À quelques jours du premier tour des élections municipales, Édouard Philippe a rassemblé près de 600 partisans au théâtre Normandy du Havre, cherchant à galvaniser ses troupes pour ce scrutin essentiel, à un moment où se dessinent les contours de sa future campagne présidentielle.
Dans une ambiance chaleureuse, entouré de ses 60 colistiers, Philippe a exhorté ses supporters à faire front, affirmant qu'il était crucial de "prendre la tête" au premier tour. Pendant ce temps, le député communiste Jean-Paul Lecoq, qui avait déjà mis Philippe en difficulté lors des précédentes élections, mobilisait ses propres soutiens dans une salle adjacente.
Maître du Havre depuis une décennie et réélu en 2014 et 2020, l'ancien Premier ministre a subtilement fait le lien entre son avenir politique et son succès dans sa ville natale, tout en évitant d’aborder le sujet directement sur scène. Il a toutefois mis en avant ses réalisations et critiqué ses adversaires, notamment en s'attaquant au candidat du Rassemblement National, Franck Keller, qui se voit déjà qualifié pour le second tour selon un récent sondage de l’institut Opinionway.
Philippe a averti que voter pour le RN pourrait indirectement favoriser la candidature de Lecoq, affirmant que le mécontentement national ne devrait pas se traduire par un message de défiance local. Selon lui, une alliance entre le PC et La France Insoumise (LFI) nuirait à l'attractivité économique du Havre, un point qu'il a renforcé en rappelant les conséquences de la gestion communiste dans les années 90.
"Si je ne parviens pas à convaincre les Havrais, je devrai réfléchir à mon avenir," a-t-il déclaré aux journalistes après son discours. Ce constat s'inscrit dans un contexte électoral où des sondages laissent présager une possible érosion de son soutien national, bien qu'il demeure en tête parmi les candidats de droite.
Dans un climat de tensions politiques, le Parti Socialiste (PS) a critiqué l'alliance entre le RN et les Républicains, tandis que les tensions au sein des LR semblent croissantes.
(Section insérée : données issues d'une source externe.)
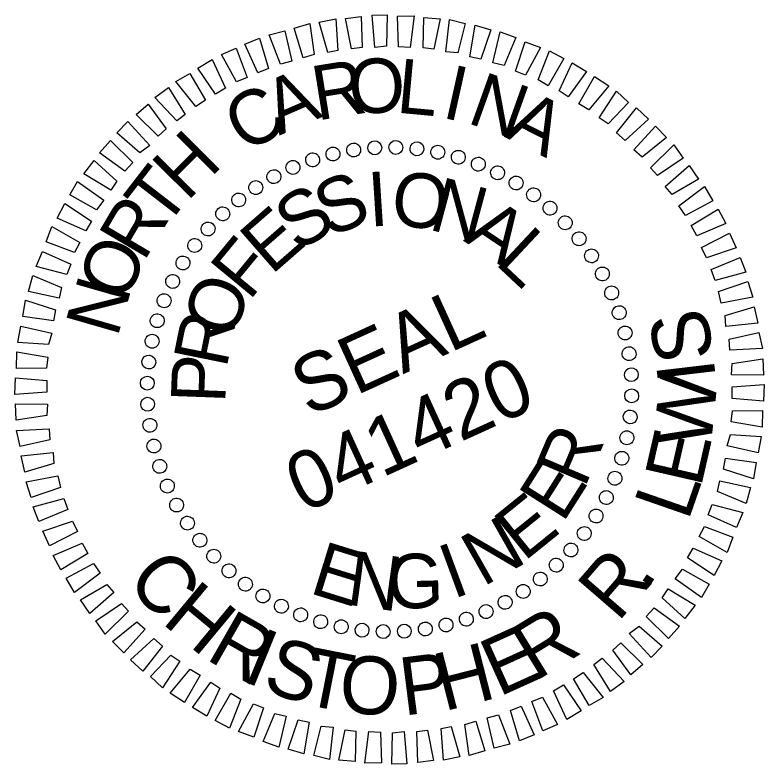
# Model space of a CAD drawing. Extents: x 2249053 to 2251039, y 663030 to 664800.
# Drawn here: x 2250902.6 to 2250980.1, y 664722.3 to 664799.9 of the extents above; entities that cross this region are included whole.
import ezdxf

# ---------------------------------------------------------------- set-up
doc = ezdxf.new("R2010")
doc.units = 0
doc.layers.add('Sheet PE Seal Cell', color=7, linetype='Continuous')

msp = doc.modelspace()

# ---------------------------------------------------------------- linework, layer by layer
at = {"layer": 'Sheet PE Seal Cell'}
for p, q in [((2250935.508, 664785.504), (2250935.508, 664785.504)), ((2250937.605, 664785.965), (2250937.605, 664785.965)), ((2250939.807, 664786.199), (2250939.807, 664786.199)), ((2250942, 664786.209), (2250942, 664786.209)), ((2250944.189, 664786.108), (2250944.189, 664786.108)), ((2250946.345, 664785.717), (2250946.345, 664785.717)), ((2250933.406, 664784.931), (2250933.406, 664784.931)), ((2250948.497, 664785.214), (2250948.497, 664785.214)), ((2250931.342, 664784.155), (2250931.342, 664784.155)), ((2250950.53, 664784.492), (2250950.53, 664784.492)), ((2250929.361, 664783.197), (2250929.361, 664783.197)), ((2250952.579, 664783.612), (2250952.579, 664783.612)), ((2250954.442, 664782.538), (2250954.442, 664782.538)), ((2250927.529, 664782.033), (2250927.529, 664782.033)), ((2250956.277, 664781.286), (2250956.277, 664781.286)), ((2250925.693, 664780.756), (2250925.693, 664780.756)), ((2250924.031, 664779.34), (2250924.031, 664779.34)), ((2250957.995, 664779.926), (2250957.995, 664779.926)), ((2250922.542, 664777.782), (2250922.542, 664777.782)), ((2250959.552, 664778.438), (2250959.552, 664778.438)), ((2250960.969, 664776.776), (2250960.969, 664776.776)), ((2250921.183, 664776.064), (2250921.183, 664776.064)), ((2250962.245, 664774.94), (2250962.245, 664774.94)), ((2250919.931, 664774.229), (2250919.931, 664774.229)), ((2250963.41, 664773.108), (2250963.41, 664773.108)), ((2250918.856, 664772.366), (2250918.856, 664772.366)), ((2250964.368, 664771.126), (2250964.368, 664771.126)), ((2250917.977, 664770.317), (2250917.977, 664770.317)), ((2250965.143, 664769.062), (2250965.143, 664769.062)), ((2250917.255, 664768.285), (2250917.255, 664768.285)), ((2250965.716, 664766.961), (2250965.716, 664766.961)), ((2250916.752, 664766.132), (2250916.752, 664766.132)), ((2250966.178, 664764.863), (2250966.178, 664764.863)), ((2250916.361, 664763.976), (2250916.361, 664763.976)), ((2250966.412, 664762.662), (2250966.412, 664762.662)), ((2250916.259, 664761.787), (2250916.259, 664761.787)), ((2250941.341, 664761.128), (2250941.341, 664761.128)), ((2250966.422, 664760.469), (2250966.422, 664760.469)), ((2250916.27, 664759.594), (2250916.27, 664759.594)), ((2250966.321, 664758.28), (2250966.321, 664758.28)), ((2250916.504, 664757.393), (2250916.504, 664757.393)), ((2250965.929, 664756.123), (2250965.929, 664756.123)), ((2250916.965, 664755.295), (2250916.965, 664755.295)), ((2250965.427, 664753.971), (2250965.427, 664753.971)), ((2250917.538, 664753.194), (2250917.538, 664753.194)), ((2250964.704, 664751.939), (2250964.704, 664751.939)), ((2250918.314, 664751.129), (2250918.314, 664751.129)), ((2250963.825, 664749.889), (2250963.825, 664749.889)), ((2250919.271, 664749.148), (2250919.271, 664749.148)), ((2250962.751, 664748.026), (2250962.751, 664748.026)), ((2250920.436, 664747.316), (2250920.436, 664747.316)), ((2250961.499, 664746.192), (2250961.499, 664746.192)), ((2250921.712, 664745.48), (2250921.712, 664745.48)), ((2250960.139, 664744.473), (2250960.139, 664744.473)), ((2250923.129, 664743.818), (2250923.129, 664743.818)), ((2250958.651, 664742.916), (2250958.651, 664742.916)), ((2250924.686, 664742.33), (2250924.686, 664742.33)), ((2250956.989, 664741.499), (2250956.989, 664741.499)), ((2250926.405, 664740.97), (2250926.405, 664740.97)), ((2250928.239, 664739.718), (2250928.239, 664739.718)), ((2250955.152, 664740.223), (2250955.152, 664740.223)), ((2250953.32, 664739.059), (2250953.32, 664739.059)), ((2250930.102, 664738.644), (2250930.102, 664738.644)), ((2250932.151, 664737.764), (2250932.151, 664737.764)), ((2250951.339, 664738.101), (2250951.339, 664738.101)), ((2250934.184, 664737.042), (2250934.184, 664737.042)), ((2250947.173, 664736.752), (2250947.173, 664736.752)), ((2250949.275, 664737.325), (2250949.275, 664737.325)), ((2250936.336, 664736.539), (2250936.336, 664736.539)), ((2250938.492, 664736.148), (2250938.492, 664736.148)), ((2250940.682, 664736.047), (2250940.682, 664736.047)), ((2250942.875, 664736.057), (2250942.875, 664736.057)), ((2250945.076, 664736.291), (2250945.076, 664736.291))]:
    msp.add_line(p, q, dxfattribs=at)
for points in [[(2250934.948, 664796.018), (2250934.055, 664799.183), (2250935.768, 664799.524), (2250936.007, 664796.226)], [(2250937.401, 664796.422), (2250936.798, 664799.553), (2250938.416, 664799.741), (2250938.502, 664796.538)], [(2250939.822, 664796.536), (2250939.562, 664799.879), (2250941.085, 664799.913), (2250941.013, 664796.694)], [(2250942.263, 664796.604), (2250942.177, 664799.807), (2250943.878, 664799.813), (2250943.492, 664796.56)], [(2250944.833, 664796.511), (2250944.88, 664799.665), (2250946.597, 664799.513), (2250945.946, 664796.359)], [(2250947.167, 664796.091), (2250947.557, 664799.456), (2250949.176, 664799.04), (2250948.417, 664796.002)], [(2250932.399, 664795.461), (2250931.482, 664798.559), (2250933.087, 664799.016), (2250933.553, 664795.822)], [(2250949.655, 664795.577), (2250950.198, 664798.846), (2250951.837, 664798.384), (2250950.809, 664795.333)], [(2250930.049, 664794.83), (2250928.884, 664797.87), (2250930.51, 664798.281), (2250931.224, 664795.145)], [(2250952.026, 664794.954), (2250952.814, 664798.17), (2250954.403, 664797.576), (2250953.202, 664794.665)], [(2250927.712, 664793.93), (2250926.365, 664796.887), (2250927.887, 664797.526), (2250928.825, 664794.382)], [(2250954.39, 664794.108), (2250955.372, 664797.138), (2250956.962, 664796.543), (2250955.404, 664793.691)], [(2250925.508, 664792.98), (2250923.932, 664795.834), (2250925.455, 664796.472), (2250926.62, 664793.432)], [(2250956.729, 664793.196), (2250957.889, 664796.197), (2250959.404, 664795.404), (2250957.78, 664792.576)], [(2250923.336, 664791.716), (2250921.509, 664794.4), (2250922.973, 664795.287), (2250924.366, 664792.35)], [(2250958.902, 664792.043), (2250960.261, 664794.97), (2250961.727, 664794.044), (2250959.842, 664791.427)], [(2250921.277, 664790.448), (2250919.222, 664793.028), (2250920.661, 664793.848), (2250922.307, 664791.082)], [(2250960.935, 664790.717), (2250962.559, 664793.544), (2250964.045, 664792.573), (2250961.987, 664790.097)], [(2250919.321, 664788.952), (2250917.059, 664791.383), (2250918.461, 664792.406), (2250920.173, 664789.615)], [(2250963.031, 664789.254), (2250964.853, 664792.007), (2250966.087, 664790.866), (2250963.971, 664788.638)], [(2250917.406, 664787.365), (2250915.116, 664789.618), (2250916.34, 664790.671), (2250918.217, 664788.119)], [(2250964.832, 664787.712), (2250966.895, 664790.3), (2250968.149, 664789.114), (2250965.743, 664786.918)], [(2250915.509, 664785.621), (2250913.123, 664787.721), (2250914.239, 664788.889), (2250916.522, 664786.413)], [(2250966.626, 664785.947), (2250968.862, 664788.394), (2250970.005, 664787.212), (2250967.516, 664785.199)], [(2250913.942, 664783.754), (2250911.325, 664785.638), (2250912.445, 664786.918), (2250914.757, 664784.619)], [(2250968.349, 664784.095), (2250970.784, 664786.468), (2250971.741, 664785.091), (2250969.103, 664783.284)], [(2250912.483, 664781.77), (2250909.68, 664783.46), (2250910.759, 664784.831), (2250913.099, 664782.71)], [(2250969.89, 664782.159), (2250972.362, 664784.33), (2250973.34, 664782.907), (2250970.598, 664781.328)], [(2250911, 664779.72), (2250908.259, 664781.274), (2250909.048, 664782.677), (2250911.752, 664780.723)], [(2250971.295, 664780.162), (2250973.962, 664782.147), (2250974.803, 664780.662), (2250971.974, 664779.153)], [(2250909.893, 664777.568), (2250906.941, 664778.86), (2250907.734, 664780.375), (2250910.488, 664778.553)], [(2250972.563, 664778.103), (2250975.354, 664779.814), (2250976.15, 664778.309), (2250973.151, 664777.052)], [(2250908.716, 664775.328), (2250905.801, 664776.417), (2250906.396, 664778.007), (2250909.29, 664776.359)], [(2250973.645, 664775.848), (2250976.54, 664777.332), (2250977.245, 664775.785), (2250974.142, 664774.756)], [(2250907.94, 664773.051), (2250904.769, 664773.859), (2250905.43, 664775.424), (2250908.336, 664774.111)], [(2250974.636, 664773.553), (2250977.635, 664774.809), (2250978.228, 664773.266), (2250975.043, 664772.419)], [(2250907.135, 664770.597), (2250903.961, 664771.293), (2250904.422, 664772.932), (2250907.399, 664771.706)], [(2250975.404, 664771.265), (2250978.44, 664772.319), (2250978.963, 664770.689), (2250975.674, 664770.069)], [(2250906.558, 664768.246), (2250903.396, 664768.673), (2250903.659, 664770.386), (2250906.756, 664769.38)], [(2250976.097, 664768.779), (2250979.084, 664769.7), (2250979.47, 664768.008), (2250976.169, 664767.657)], [(2250906.022, 664765.804), (2250902.852, 664766.008), (2250903.182, 664767.696), (2250906.377, 664766.954)], [(2250976.501, 664766.325), (2250979.591, 664767.019), (2250979.957, 664765.373), (2250976.572, 664765.204)], [(2250905.822, 664763.35), (2250902.71, 664763.305), (2250902.75, 664765.027), (2250905.974, 664764.463)], [(2250976.814, 664763.83), (2250980.008, 664764.297), (2250980.059, 664762.617), (2250976.748, 664762.647)], [(2250905.866, 664760.842), (2250902.568, 664760.603), (2250902.608, 664762.324), (2250905.864, 664762.05)], [(2250976.816, 664761.414), (2250980.114, 664761.653), (2250980.074, 664759.931), (2250976.817, 664760.205)], [(2250905.868, 664758.425), (2250902.674, 664757.959), (2250902.623, 664759.639), (2250905.933, 664759.609)], [(2250976.86, 664758.906), (2250979.971, 664758.95), (2250979.932, 664757.229), (2250976.707, 664757.793)], [(2250906.181, 664755.93), (2250903.09, 664755.236), (2250902.724, 664756.883), (2250906.109, 664757.052)], [(2250976.659, 664756.452), (2250979.829, 664756.248), (2250979.5, 664754.56), (2250976.304, 664755.301)], [(2250906.584, 664753.477), (2250903.598, 664752.556), (2250903.211, 664754.248), (2250906.513, 664754.598)], [(2250976.123, 664754.01), (2250979.285, 664753.583), (2250979.022, 664751.869), (2250975.926, 664752.876)], [(2250907.278, 664750.991), (2250904.241, 664749.937), (2250903.718, 664751.567), (2250907.008, 664752.186)], [(2250975.546, 664751.659), (2250978.721, 664750.963), (2250978.259, 664749.324), (2250975.283, 664750.55)], [(2250908.045, 664748.703), (2250905.047, 664747.446), (2250904.453, 664748.989), (2250907.639, 664749.837)], [(2250974.742, 664749.205), (2250977.912, 664748.396), (2250977.252, 664746.832), (2250974.345, 664748.145)], [(2250909.037, 664746.407), (2250906.141, 664744.923), (2250905.436, 664746.47), (2250908.539, 664747.499)], [(2250973.966, 664746.928), (2250976.88, 664745.838), (2250976.286, 664744.249), (2250973.392, 664745.897)], [(2250910.119, 664744.153), (2250907.327, 664742.442), (2250906.531, 664743.947), (2250909.53, 664745.204)], [(2250972.789, 664744.688), (2250975.74, 664743.396), (2250974.947, 664741.88), (2250972.194, 664743.703)], [(2250911.387, 664742.094), (2250908.72, 664740.109), (2250907.878, 664741.594), (2250910.707, 664743.103)], [(2250971.682, 664742.535), (2250974.423, 664740.982), (2250973.634, 664739.578), (2250970.93, 664741.533)], [(2250912.792, 664740.096), (2250910.319, 664737.926), (2250909.341, 664739.348), (2250912.083, 664740.927)], [(2250970.198, 664740.486), (2250973.001, 664738.796), (2250971.922, 664737.425), (2250969.582, 664739.546)], [(2250914.333, 664738.161), (2250911.898, 664735.788), (2250910.94, 664737.165), (2250913.579, 664738.972)], [(2250968.739, 664738.502), (2250971.356, 664736.618), (2250970.236, 664735.338), (2250967.925, 664737.636)], [(2250916.056, 664736.309), (2250913.82, 664733.861), (2250912.676, 664735.044), (2250915.166, 664737.057)], [(2250967.173, 664736.634), (2250969.558, 664734.534), (2250968.442, 664733.367), (2250966.16, 664735.843)], [(2250917.849, 664734.544), (2250915.787, 664731.955), (2250914.532, 664733.142), (2250916.938, 664735.337)], [(2250965.275, 664734.89), (2250967.565, 664732.637), (2250966.342, 664731.585), (2250964.465, 664734.137)], [(2250919.651, 664733.002), (2250917.829, 664730.248), (2250916.594, 664731.389), (2250918.711, 664733.618)], [(2250963.361, 664733.304), (2250965.622, 664730.873), (2250964.22, 664729.849), (2250962.509, 664732.641)], [(2250921.746, 664731.539), (2250920.122, 664728.711), (2250918.636, 664729.682), (2250920.694, 664732.159)], [(2250961.405, 664731.808), (2250963.46, 664729.228), (2250962.02, 664728.407), (2250960.375, 664731.174)], [(2250923.779, 664730.213), (2250922.42, 664727.286), (2250920.955, 664728.211), (2250922.839, 664730.828)], [(2250959.345, 664730.54), (2250961.173, 664727.856), (2250959.709, 664726.969), (2250958.315, 664729.906)], [(2250925.953, 664729.06), (2250924.793, 664726.059), (2250923.277, 664726.852), (2250924.901, 664729.68)], [(2250957.174, 664729.276), (2250958.749, 664726.422), (2250957.227, 664725.783), (2250956.061, 664728.824)], [(2250928.291, 664728.148), (2250927.309, 664725.118), (2250925.72, 664725.712), (2250927.277, 664728.565)], [(2250954.969, 664728.326), (2250956.317, 664725.369), (2250954.795, 664724.73), (2250953.856, 664727.874)], [(2250930.655, 664727.302), (2250929.868, 664724.086), (2250928.278, 664724.68), (2250929.48, 664727.59)], [(2250952.632, 664727.426), (2250953.798, 664724.386), (2250952.172, 664723.974), (2250951.457, 664727.11)], [(2250933.027, 664726.679), (2250932.484, 664723.41), (2250930.845, 664723.872), (2250931.872, 664726.922)], [(2250950.282, 664726.795), (2250951.2, 664723.696), (2250949.595, 664723.24), (2250949.128, 664726.434)], [(2250935.514, 664726.164), (2250935.124, 664722.8), (2250933.506, 664723.216), (2250934.264, 664726.254)], [(2250937.848, 664725.744), (2250937.802, 664722.591), (2250936.084, 664722.743), (2250936.735, 664725.896)], [(2250945.28, 664725.834), (2250945.883, 664722.702), (2250944.265, 664722.515), (2250944.18, 664725.717)], [(2250947.734, 664726.238), (2250948.626, 664723.073), (2250946.914, 664722.732), (2250946.675, 664726.03)], [(2250940.418, 664725.652), (2250940.504, 664722.449), (2250938.803, 664722.443), (2250939.189, 664725.696)], [(2250942.86, 664725.72), (2250943.119, 664722.377), (2250941.597, 664722.342), (2250941.668, 664725.562)]]:
    msp.add_lwpolyline(points, close=True, dxfattribs=at)
for centre, major_axis in [((2250935.487, 664785.515), (-0.168, 0.7)), ((2250937.635, 664785.933), (-0.106, 0.712)), ((2250939.811, 664786.161), (-0.044, 0.719)), ((2250941.998, 664786.199), (0.019, 0.72)), ((2250944.181, 664786.047), (0.082, 0.715)), ((2250946.342, 664785.704), (0.144, 0.706)), ((2250933.384, 664784.912), (-0.228, 0.683)), ((2250948.465, 664785.175), (0.205, 0.69)), ((2250931.341, 664784.128), (-0.287, 0.66)), ((2250950.533, 664784.462), (0.264, 0.67)), ((2250929.374, 664783.169), (-0.344, 0.633)), ((2250952.532, 664783.572), (0.321, 0.644)), ((2250954.446, 664782.512), (0.376, 0.614)), ((2250927.499, 664782.042), (-0.397, 0.6)), ((2250956.26, 664781.288), (0.428, 0.579)), ((2250925.729, 664780.756), (-0.448, 0.563)), ((2250924.077, 664779.321), (-0.496, 0.522)), ((2250957.96, 664779.911), (0.477, 0.539)), ((2250922.557, 664777.747), (-0.539, 0.477)), ((2250959.534, 664778.391), (0.522, 0.496)), ((2250960.969, 664776.74), (0.563, 0.448)), ((2250921.181, 664776.047), (-0.579, 0.428)), ((2250962.255, 664774.97), (0.6, 0.397)), ((2250919.957, 664774.233), (-0.614, 0.376)), ((2250963.382, 664773.094), (0.633, 0.344)), ((2250918.896, 664772.319), (-0.644, 0.321)), ((2250964.341, 664771.128), (0.66, 0.287)), ((2250918.006, 664770.321), (-0.67, 0.264)), ((2250965.125, 664769.085), (0.683, 0.228)), ((2250917.294, 664768.252), (-0.69, 0.205)), ((2250965.728, 664766.982), (0.7, 0.168)), ((2250916.764, 664766.129), (-0.706, 0.144)), ((2250966.145, 664764.834), (0.712, 0.106)), ((2250916.422, 664763.968), (-0.715, 0.082)), ((2250966.374, 664762.658), (0.719, 0.044)), ((2250916.269, 664761.785), (-0.72, 0.019)), ((2250966.412, 664760.47), (0.72, -0.019)), ((2250916.307, 664759.598), (-0.719, -0.044)), ((2250966.259, 664758.288), (0.715, -0.082)), ((2250916.536, 664757.422), (-0.712, -0.106)), ((2250965.917, 664756.127), (0.706, -0.144)), ((2250916.953, 664755.274), (-0.7, -0.168)), ((2250965.388, 664754.004), (0.69, -0.205)), ((2250917.556, 664753.171), (-0.683, -0.228)), ((2250964.675, 664751.935), (0.67, -0.264)), ((2250918.34, 664751.128), (-0.66, -0.287)), ((2250963.785, 664749.936), (0.644, -0.321)), ((2250919.3, 664749.162), (-0.633, -0.344)), ((2250962.724, 664748.023), (0.614, -0.376)), ((2250920.426, 664747.286), (-0.6, -0.397)), ((2250961.501, 664746.209), (0.579, -0.428)), ((2250921.712, 664745.516), (-0.563, -0.448)), ((2250960.124, 664744.509), (0.539, -0.477)), ((2250923.148, 664743.865), (-0.522, -0.496)), ((2250958.604, 664742.935), (0.496, -0.522)), ((2250924.722, 664742.345), (-0.477, -0.539)), ((2250956.953, 664741.499), (0.448, -0.563)), ((2250926.422, 664740.968), (-0.428, -0.579)), ((2250928.236, 664739.744), (-0.376, -0.614)), ((2250955.183, 664740.213), (0.397, -0.6)), ((2250953.307, 664739.087), (0.344, -0.633)), ((2250930.149, 664738.683), (-0.321, -0.644)), ((2250951.341, 664738.128), (0.287, -0.66)), ((2250932.148, 664737.793), (-0.264, -0.67)), ((2250949.298, 664737.344), (0.228, -0.683)), ((2250934.217, 664737.081), (-0.205, -0.69)), ((2250947.195, 664736.741), (0.168, -0.7)), ((2250936.34, 664736.552), (-0.144, -0.706)), ((2250938.501, 664736.209), (-0.082, -0.715)), ((2250940.683, 664736.056), (-0.019, -0.72)), ((2250942.871, 664736.095), (0.044, -0.719)), ((2250945.047, 664736.323), (0.106, -0.712))]:
    msp.add_ellipse(centre, major_axis=major_axis, ratio=0.999708, dxfattribs=at)

# ---------------------------------------------------------------- texts
for s, height, rotation, p in [('R', 5.638, 9.11904, (2250933.821, 664788.966)), ('O', 5.638, 1.91911, (2250937.18, 664789.672)), ('L', 5.638, 354.71882, (2250941.951, 664789.813)), ('I', 5.638, 347.51808, (2250946.632, 664789.309)), ('A', 5.638, 23.51826, (2250929.916, 664787.406)), ('N', 5.639, 340.31685, (2250949.231, 664788.79)), ('C', 5.638, 30.71781, (2250926.446, 664785.495)), ('A', 5.639, 333.1151, (2250953.138, 664787.329)), ('H', 5.638, 45.11742, (2250920.359, 664780.524)), ('T', 5.638, 52.31772, (2250918.086, 664777.675)), ('S', 5.638, 22.39834, (2250935.061, 664776.838)), ('I', 5.638, 3.68755, (2250939.264, 664777.984)), ('O', 5.638, 354.33143, (2250941.374, 664778.177)), ('N', 5.639, 344.97455, (2250945.252, 664777.746)), ('S', 5.638, 31.75355, (2250931.806, 664775.3)), ('R', 5.639, 59.51845, (2250915.904, 664774.263)), ('E', 5.638, 41.10901, (2250929.102, 664772.914)), ('A', 5.639, 326.25821, (2250948.924, 664776.562)), ('L', 5.639, 316.89879, (2250952.129, 664774.231)), ('F', 5.638, 50.46498, (2250926.812, 664770.222)), ('O', 5.639, 66.71968, (2250914.05, 664770.011)), ('N', 5.639, 73.92144, (2250913.16, 664766.419)), ('O', 5.639, 69.17918, (2250925.032, 664766.169)), ('SEAL', 5.9982, 24.49794, (2250932.982, 664758.252)), ('S', 5.998, 100.55241, (2250974.987, 664764.529)), ('R', 5.639, 78.53759, (2250924.456, 664763.214)), ('P', 5.639, 87.89683, (2250924.327, 664759.639)), ('041420', 5.9982, 24.49794, (2250932.432, 664748.268)), ('I', 5.998, 96.75046, (2250975.139, 664762.291)), ('W', 5.998, 84.21639, (2250974.586, 664754.928)), ('R', 5.639, 66.97935, (2250961.532, 664750.822)), ('E', 5.998, 77.10705, (2250973.563, 664750.861)), ('E', 5.638, 57.62203, (2250959.276, 664747.212)), ('L', 5.998, 70.83229, (2250972.248, 664747.401)), ('E', 5.638, 38.9097, (2250955.261, 664743.24)), ('N', 5.638, 29.55433, (2250951.006, 664740.641)), ('E', 5.638, 342.77483, (2250932.907, 664740.086)), ('I', 5.638, 20.19914, (2250947.895, 664739.389)), ('N', 5.638, 352.1319, (2250936.756, 664738.873)), ('C', 5.998, 310.69992, (2250913.954, 664741.288)), ('G', 5.638, 1.48818, (2250941.147, 664738.402)), ('R', 5.998, 49.11789, (2250964.976, 664736.94)), ('.', 5.998, 56.59815, (2250967.924, 664740.223)), ('H', 5.998, 320.28207, (2250917.638, 664737.006)), ('R', 5.998, 31.43728, (2250956.513, 664730.904)), ('R', 5.998, 330.26605, (2250922.179, 664733.262)), ('E', 5.998, 24.32794, (2250952.656, 664729.259)), ('I', 5.998, 337.74631, (2250925.97, 664731.005)), ('S', 5.998, 341.54826, (2250928.001, 664730.052)), ('T', 5.998, 348.87397, (2250932.073, 664728.605)), ('H', 5.998, 14.34395, (2250946.96, 664727.78)), ('O', 5.998, 355.67421, (2250935.989, 664727.736)), ('P', 5.998, 7.23461, (2250942.789, 664727.341))]:
    msp.add_text(s, height=height, rotation=rotation, dxfattribs=at).set_placement(p)

doc.saveas('drawing.dxf')

Le président du Sénat, Gérard Larcher, a ainsi mis en question l'appartenance des membres qui s'allient avec des candidats du RN.
Avec les dernières actions de campagne en cours, Philippe devra faire face à des oppositions diverses, alors même que le reste de la scène politique intégrera ces enjeux municipaux dans un panorama électoral global. Marine Le Pen a également rappelé l'importance de se concentrer sur les municipales malgré les distractions extérieures, comme le conflit en Iran. Le président de la République semble également conscient que ces élections sont des révélateurs de la dynamique politique actuelle en France.